FERN HORWITZ, BY MARK GILBERT, HER FATHER AND ATTORNEY-IN-FACT, INDIV. AND ON BEHALF OF THOSE SIMILARLY SITUATED, PLAINTIFF-APPELLANT,
v.
BANKERS LIFE AND CASUALTY COMPANY, DEFENDANT-APPELLEE.



Appeal from the Circuit Court of Cook County. No. 95 CH 1787 Honorable Sidney A Jones, III, Judge Presiding.

The opinion of the court was delivered by: Justice Greiman

Plaintiff Fern Horwitz (Horwitz), by her father and attorney-in-fact, brought this action on behalf of herself and a purported class of policyholders who were allegedly injured by the manner in which the defendant insurance company, Bankers Life & Casualty Company (Bankers), calculated and applied its premium rates for individual health insurance policies. Plaintiff claimed that the manner in which Bankers calculated those premiums breached its contract (counts III and IV), violated section 364 of the Illinois Insurance Code (Insurance Code) (215 ILCS 5/364 (West 1994)) (counts I and II), and violated section 2 of the Illinois Consumer Fraud and Deceptive Business Practices Act (Consumer Fraud Act) (815 ILCS 505/2 (West 1994)) (count VI). She also claimed that Bankers breached its contract with her by increasing her premiums twice-rather than once-during a few years that her coverage was in effect (count V), and that Bankers fraudulently concealed from her some of the practices she claims were unlawful (count VII).

Initially, the trial court partially granted summary judgment as to count III in plaintiff's favor and summary judgment as to count V in defendant's favor. Bankers then asked the court to reconsider its ruling as to count III, which was granted. Ultimately, the trial court dismissed all of plaintiff's claims, holding that: (1) plaintiff's policy was governed by Colorado law; (2) plaintiff's breach of contract and consumer fraud claims were barred by the filed rate doctrine; (3) no private right of action exists under section 364; and (4) defendant had not breached its contract by increasing premiums more than once during certain policy years. However, the court only decided Horwitz's individual claims and never decided whether the case should proceed as a class action. Plaintiff now appeals the trial court's ruling on counts I through III, V, and VI of her third amended complaint. *fn1 For the reasons that follow, we affirm in part, reverse in part, and remand the cause for further proceedings.

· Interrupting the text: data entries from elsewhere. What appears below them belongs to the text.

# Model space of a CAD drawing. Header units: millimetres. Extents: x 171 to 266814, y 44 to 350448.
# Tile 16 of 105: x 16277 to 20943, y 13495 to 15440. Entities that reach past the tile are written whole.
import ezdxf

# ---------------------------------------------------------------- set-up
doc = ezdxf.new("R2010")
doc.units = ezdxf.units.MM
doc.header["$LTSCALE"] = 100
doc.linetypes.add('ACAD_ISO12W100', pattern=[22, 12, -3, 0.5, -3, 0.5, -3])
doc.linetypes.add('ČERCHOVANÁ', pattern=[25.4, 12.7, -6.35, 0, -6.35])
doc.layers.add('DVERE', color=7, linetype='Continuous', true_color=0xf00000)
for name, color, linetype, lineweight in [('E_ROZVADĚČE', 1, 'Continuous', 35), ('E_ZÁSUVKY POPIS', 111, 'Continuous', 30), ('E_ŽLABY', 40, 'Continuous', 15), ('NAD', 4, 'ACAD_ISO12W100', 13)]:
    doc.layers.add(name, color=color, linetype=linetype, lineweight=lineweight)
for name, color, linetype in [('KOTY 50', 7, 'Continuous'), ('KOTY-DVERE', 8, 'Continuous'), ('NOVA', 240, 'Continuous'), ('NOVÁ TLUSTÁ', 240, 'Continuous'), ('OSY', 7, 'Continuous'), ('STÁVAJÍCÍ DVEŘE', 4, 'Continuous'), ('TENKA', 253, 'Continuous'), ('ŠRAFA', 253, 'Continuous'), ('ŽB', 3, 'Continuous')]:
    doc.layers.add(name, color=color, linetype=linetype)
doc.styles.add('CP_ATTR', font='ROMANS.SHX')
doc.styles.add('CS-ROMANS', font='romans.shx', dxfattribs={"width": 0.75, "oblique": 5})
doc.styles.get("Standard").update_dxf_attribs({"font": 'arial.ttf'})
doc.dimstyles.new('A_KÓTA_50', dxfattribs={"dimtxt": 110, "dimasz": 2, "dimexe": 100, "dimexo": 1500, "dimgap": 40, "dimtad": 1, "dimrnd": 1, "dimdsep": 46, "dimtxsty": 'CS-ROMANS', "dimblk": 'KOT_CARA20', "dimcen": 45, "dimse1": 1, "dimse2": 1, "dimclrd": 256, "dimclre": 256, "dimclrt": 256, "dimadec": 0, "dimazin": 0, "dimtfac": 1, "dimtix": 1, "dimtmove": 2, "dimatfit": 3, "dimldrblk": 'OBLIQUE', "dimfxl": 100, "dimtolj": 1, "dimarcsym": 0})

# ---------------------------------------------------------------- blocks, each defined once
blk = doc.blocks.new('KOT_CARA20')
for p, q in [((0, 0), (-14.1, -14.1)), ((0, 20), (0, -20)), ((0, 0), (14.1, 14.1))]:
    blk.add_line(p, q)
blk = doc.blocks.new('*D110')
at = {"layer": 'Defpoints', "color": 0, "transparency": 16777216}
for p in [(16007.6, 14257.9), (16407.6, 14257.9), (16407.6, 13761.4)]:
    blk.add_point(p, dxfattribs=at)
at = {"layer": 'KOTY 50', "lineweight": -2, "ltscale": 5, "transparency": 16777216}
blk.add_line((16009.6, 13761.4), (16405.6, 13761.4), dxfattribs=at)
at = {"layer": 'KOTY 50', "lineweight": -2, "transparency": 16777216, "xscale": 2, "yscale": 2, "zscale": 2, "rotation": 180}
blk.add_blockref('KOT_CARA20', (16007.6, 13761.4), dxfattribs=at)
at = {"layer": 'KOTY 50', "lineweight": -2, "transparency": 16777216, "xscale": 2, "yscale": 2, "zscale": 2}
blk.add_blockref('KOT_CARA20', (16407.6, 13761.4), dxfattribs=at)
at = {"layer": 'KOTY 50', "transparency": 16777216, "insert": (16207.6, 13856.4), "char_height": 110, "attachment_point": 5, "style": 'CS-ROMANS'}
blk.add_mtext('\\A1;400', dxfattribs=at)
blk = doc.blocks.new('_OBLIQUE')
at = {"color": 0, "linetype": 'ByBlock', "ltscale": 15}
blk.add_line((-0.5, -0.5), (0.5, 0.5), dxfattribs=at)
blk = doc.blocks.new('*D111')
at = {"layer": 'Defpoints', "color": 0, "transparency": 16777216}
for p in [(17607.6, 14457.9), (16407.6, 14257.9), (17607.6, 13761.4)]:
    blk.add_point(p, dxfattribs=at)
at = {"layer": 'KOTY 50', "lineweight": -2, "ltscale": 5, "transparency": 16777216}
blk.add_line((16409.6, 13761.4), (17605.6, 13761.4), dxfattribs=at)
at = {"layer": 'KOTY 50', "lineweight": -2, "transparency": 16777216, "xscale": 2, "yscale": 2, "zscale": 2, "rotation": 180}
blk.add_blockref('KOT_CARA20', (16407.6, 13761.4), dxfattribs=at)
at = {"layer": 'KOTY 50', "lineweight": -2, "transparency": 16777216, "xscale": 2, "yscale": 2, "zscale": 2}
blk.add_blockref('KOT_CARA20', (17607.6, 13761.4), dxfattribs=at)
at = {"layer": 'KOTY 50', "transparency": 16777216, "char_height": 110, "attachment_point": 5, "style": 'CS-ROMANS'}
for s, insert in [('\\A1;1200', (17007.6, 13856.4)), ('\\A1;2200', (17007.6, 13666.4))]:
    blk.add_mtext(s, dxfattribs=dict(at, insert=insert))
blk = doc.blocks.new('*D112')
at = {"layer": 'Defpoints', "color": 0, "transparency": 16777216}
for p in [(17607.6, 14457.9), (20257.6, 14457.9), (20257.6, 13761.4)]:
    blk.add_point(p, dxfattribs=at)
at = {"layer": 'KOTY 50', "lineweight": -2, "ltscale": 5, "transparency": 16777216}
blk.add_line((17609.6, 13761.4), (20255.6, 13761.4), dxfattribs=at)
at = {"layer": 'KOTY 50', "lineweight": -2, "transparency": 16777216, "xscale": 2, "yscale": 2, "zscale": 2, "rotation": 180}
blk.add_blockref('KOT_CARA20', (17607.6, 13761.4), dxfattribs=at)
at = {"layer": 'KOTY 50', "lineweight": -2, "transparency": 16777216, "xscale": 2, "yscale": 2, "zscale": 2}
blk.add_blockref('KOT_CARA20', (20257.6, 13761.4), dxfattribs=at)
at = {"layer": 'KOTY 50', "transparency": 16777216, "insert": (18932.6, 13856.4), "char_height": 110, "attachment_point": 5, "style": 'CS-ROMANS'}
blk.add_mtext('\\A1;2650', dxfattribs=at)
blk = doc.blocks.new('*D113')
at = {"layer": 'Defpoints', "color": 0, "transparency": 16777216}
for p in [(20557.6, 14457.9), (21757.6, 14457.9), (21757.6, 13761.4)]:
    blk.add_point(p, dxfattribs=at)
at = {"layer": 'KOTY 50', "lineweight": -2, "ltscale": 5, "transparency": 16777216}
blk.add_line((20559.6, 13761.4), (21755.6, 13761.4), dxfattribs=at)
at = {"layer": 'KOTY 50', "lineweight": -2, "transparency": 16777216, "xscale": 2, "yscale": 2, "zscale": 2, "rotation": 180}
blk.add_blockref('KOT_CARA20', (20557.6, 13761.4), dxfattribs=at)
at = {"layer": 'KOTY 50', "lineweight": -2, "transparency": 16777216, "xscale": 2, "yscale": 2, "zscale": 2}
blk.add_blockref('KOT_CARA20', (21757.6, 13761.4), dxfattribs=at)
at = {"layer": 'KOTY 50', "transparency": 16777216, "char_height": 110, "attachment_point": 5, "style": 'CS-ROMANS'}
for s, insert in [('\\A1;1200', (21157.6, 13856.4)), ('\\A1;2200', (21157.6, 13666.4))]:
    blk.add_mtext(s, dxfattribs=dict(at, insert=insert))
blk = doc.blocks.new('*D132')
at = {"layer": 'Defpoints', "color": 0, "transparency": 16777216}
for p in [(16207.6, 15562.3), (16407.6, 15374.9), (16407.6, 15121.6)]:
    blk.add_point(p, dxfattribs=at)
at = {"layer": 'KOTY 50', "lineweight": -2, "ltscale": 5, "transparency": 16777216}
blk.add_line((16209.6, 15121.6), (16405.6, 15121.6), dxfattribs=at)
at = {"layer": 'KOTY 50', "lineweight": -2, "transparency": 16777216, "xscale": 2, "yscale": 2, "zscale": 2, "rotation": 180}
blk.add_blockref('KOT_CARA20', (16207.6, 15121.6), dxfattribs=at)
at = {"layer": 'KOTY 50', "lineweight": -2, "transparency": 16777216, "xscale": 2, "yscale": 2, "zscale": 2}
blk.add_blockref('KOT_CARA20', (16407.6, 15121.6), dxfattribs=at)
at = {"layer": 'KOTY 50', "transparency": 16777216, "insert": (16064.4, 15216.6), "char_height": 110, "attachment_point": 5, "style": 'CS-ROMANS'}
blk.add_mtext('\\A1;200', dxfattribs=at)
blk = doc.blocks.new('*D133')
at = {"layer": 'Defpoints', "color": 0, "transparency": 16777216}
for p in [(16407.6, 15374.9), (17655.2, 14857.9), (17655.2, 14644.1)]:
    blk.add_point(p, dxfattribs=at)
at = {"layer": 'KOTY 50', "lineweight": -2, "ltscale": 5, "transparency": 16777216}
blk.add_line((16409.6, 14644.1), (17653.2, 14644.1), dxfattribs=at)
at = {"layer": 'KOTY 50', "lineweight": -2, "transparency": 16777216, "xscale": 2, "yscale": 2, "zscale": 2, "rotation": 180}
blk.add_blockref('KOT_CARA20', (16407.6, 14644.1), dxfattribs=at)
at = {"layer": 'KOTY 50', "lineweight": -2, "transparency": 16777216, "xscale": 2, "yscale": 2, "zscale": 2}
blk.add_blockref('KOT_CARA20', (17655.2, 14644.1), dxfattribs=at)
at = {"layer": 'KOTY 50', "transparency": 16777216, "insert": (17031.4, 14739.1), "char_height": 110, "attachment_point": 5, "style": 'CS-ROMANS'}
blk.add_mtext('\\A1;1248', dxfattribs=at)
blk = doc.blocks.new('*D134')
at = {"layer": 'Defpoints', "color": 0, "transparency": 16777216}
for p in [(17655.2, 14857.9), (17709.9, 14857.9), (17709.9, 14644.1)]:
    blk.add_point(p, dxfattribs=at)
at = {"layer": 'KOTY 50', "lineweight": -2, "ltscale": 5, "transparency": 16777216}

This case arose from a dispute between Horwitz and Bankers regarding premium increases for plaintiff's individual health insurance policy. Specifically, plaintiff alleges that, beginning in February 1991, defendant increased her premiums by amounts greater than permitted by the terms of her policy. She also claims that, beginning in 1991, defendant increased her premiums more often than allowed by her policy. These formed the bases of plaintiff's complaint.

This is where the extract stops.